Data excerpts:

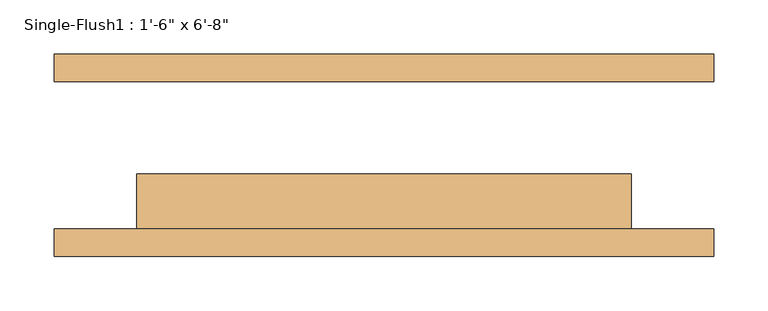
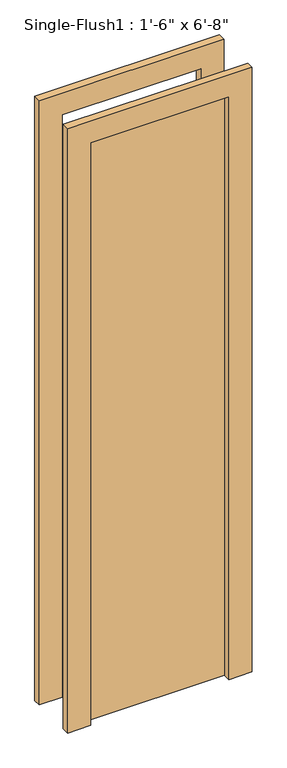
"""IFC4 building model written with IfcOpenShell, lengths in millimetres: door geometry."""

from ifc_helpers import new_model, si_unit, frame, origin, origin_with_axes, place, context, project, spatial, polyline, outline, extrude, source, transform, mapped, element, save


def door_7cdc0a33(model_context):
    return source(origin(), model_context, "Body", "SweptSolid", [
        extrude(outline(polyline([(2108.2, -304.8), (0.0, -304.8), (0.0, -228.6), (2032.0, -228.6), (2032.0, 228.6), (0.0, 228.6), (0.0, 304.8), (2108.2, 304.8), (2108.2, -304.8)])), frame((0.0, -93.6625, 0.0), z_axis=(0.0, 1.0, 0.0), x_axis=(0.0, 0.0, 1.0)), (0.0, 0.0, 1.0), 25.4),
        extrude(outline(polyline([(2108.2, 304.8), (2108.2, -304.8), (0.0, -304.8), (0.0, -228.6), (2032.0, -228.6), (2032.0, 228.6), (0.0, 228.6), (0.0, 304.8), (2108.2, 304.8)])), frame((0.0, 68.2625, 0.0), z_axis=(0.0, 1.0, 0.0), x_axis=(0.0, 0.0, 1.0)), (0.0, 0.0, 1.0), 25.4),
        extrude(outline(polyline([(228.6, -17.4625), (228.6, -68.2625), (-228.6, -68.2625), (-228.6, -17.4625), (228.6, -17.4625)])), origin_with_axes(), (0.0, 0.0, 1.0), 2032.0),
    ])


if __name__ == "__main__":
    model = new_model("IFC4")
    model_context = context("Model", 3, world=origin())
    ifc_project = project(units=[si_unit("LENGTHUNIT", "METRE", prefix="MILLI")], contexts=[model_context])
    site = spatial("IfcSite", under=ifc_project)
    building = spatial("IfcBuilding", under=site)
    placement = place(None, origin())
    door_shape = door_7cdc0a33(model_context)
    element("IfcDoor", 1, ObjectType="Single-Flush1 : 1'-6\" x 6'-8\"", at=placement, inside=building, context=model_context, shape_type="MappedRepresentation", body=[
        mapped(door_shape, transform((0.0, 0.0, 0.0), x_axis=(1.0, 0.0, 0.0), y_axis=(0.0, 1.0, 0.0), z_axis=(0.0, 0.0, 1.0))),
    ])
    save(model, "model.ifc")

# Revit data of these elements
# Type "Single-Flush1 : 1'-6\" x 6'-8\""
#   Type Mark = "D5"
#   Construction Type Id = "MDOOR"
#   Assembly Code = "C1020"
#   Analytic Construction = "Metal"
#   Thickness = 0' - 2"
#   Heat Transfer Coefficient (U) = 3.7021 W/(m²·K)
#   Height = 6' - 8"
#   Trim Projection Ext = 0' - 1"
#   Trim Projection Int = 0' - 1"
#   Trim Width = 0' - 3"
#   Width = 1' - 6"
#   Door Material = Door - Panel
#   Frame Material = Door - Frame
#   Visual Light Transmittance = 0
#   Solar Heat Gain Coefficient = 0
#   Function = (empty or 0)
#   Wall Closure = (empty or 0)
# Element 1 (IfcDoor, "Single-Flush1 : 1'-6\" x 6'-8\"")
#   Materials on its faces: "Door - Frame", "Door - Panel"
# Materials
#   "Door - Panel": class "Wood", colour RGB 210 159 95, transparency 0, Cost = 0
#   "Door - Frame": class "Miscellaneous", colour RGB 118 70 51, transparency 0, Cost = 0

The task: The answer must be an exact copy of the records, with no images in it.

Solution for this task:
"""IFC4 building model written with IfcOpenShell, lengths in millimetres: door geometry."""

from ifc_helpers import new_model, si_unit, frame, origin, origin_with_axes, place, context, project, spatial, polyline, outline, extrude, source, transform, mapped, element, save


def door_7cdc0a33(model_context):
    return source(origin(), model_context, "Body", "SweptSolid", [
        extrude(outline(polyline([(2108.2, -304.8), (0.0, -304.8), (0.0, -228.6), (2032.0, -228.6), (2032.0, 228.6), (0.0, 228.6), (0.0, 304.8), (2108.2, 304.8), (2108.2, -304.8)])), frame((0.0, -93.6625, 0.0), z_axis=(0.0, 1.0, 0.0), x_axis=(0.0, 0.0, 1.0)), (0.0, 0.0, 1.0), 25.4),
        extrude(outline(polyline([(2108.2, 304.8), (2108.2, -304.8), (0.0, -304.8), (0.0, -228.6), (2032.0, -228.6), (2032.0, 228.6), (0.0, 228.6), (0.0, 304.8), (2108.2, 304.8)])), frame((0.0, 68.2625, 0.0), z_axis=(0.0, 1.0, 0.0), x_axis=(0.0, 0.0, 1.0)), (0.0, 0.0, 1.0), 25.4),
        extrude(outline(polyline([(228.6, -17.4625), (228.6, -68.2625), (-228.6, -68.2625), (-228.6, -17.4625), (228.6, -17.4625)])), origin_with_axes(), (0.0, 0.0, 1.0), 2032.0),
    ])


if __name__ == "__main__":
    model = new_model("IFC4")
    model_context = context("Model", 3, world=origin())
    ifc_project = project(units=[si_unit("LENGTHUNIT", "METRE", prefix="MILLI")], contexts=[model_context])
    site = spatial("IfcSite", under=ifc_project)
    building = spatial("IfcBuilding", under=site)
    placement = place(None, origin())
    door_shape = door_7cdc0a33(model_context)
    element("IfcDoor", 1, ObjectType="Single-Flush1 : 1'-6\" x 6'-8\"", at=placement, inside=building, context=model_context, shape_type="MappedRepresentation", body=[
        mapped(door_shape, transform((0.0, 0.0, 0.0), x_axis=(1.0, 0.0, 0.0), y_axis=(0.0, 1.0, 0.0), z_axis=(0.0, 0.0, 1.0))),
    ])
    save(model, "model.ifc")

# Revit data of these elements
# Type "Single-Flush1 : 1'-6\" x 6'-8\""
#   Type Mark = "D5"
#   Construction Type Id = "MDOOR"
#   Assembly Code = "C1020"
#   Analytic Construction = "Metal"
#   Thickness = 0' - 2"
#   Heat Transfer Coefficient (U) = 3.7021 W/(m²·K)
#   Height = 6' - 8"
#   Trim Projection Ext = 0' - 1"
#   Trim Projection Int = 0' - 1"
#   Trim Width = 0' - 3"
#   Width = 1' - 6"
#   Door Material = Door - Panel
#   Frame Material = Door - Frame
#   Visual Light Transmittance = 0
#   Solar Heat Gain Coefficient = 0
#   Function = (empty or 0)
#   Wall Closure = (empty or 0)
# Element 1 (IfcDoor, "Single-Flush1 : 1'-6\" x 6'-8\"")
#   Materials on its faces: "Door - Frame", "Door - Panel"
# Materials
#   "Door - Panel": class "Wood", colour RGB 210 159 95, transparency 0, Cost = 0
#   "Door - Frame": class "Miscellaneous", colour RGB 118 70 51, transparency 0, Cost = 0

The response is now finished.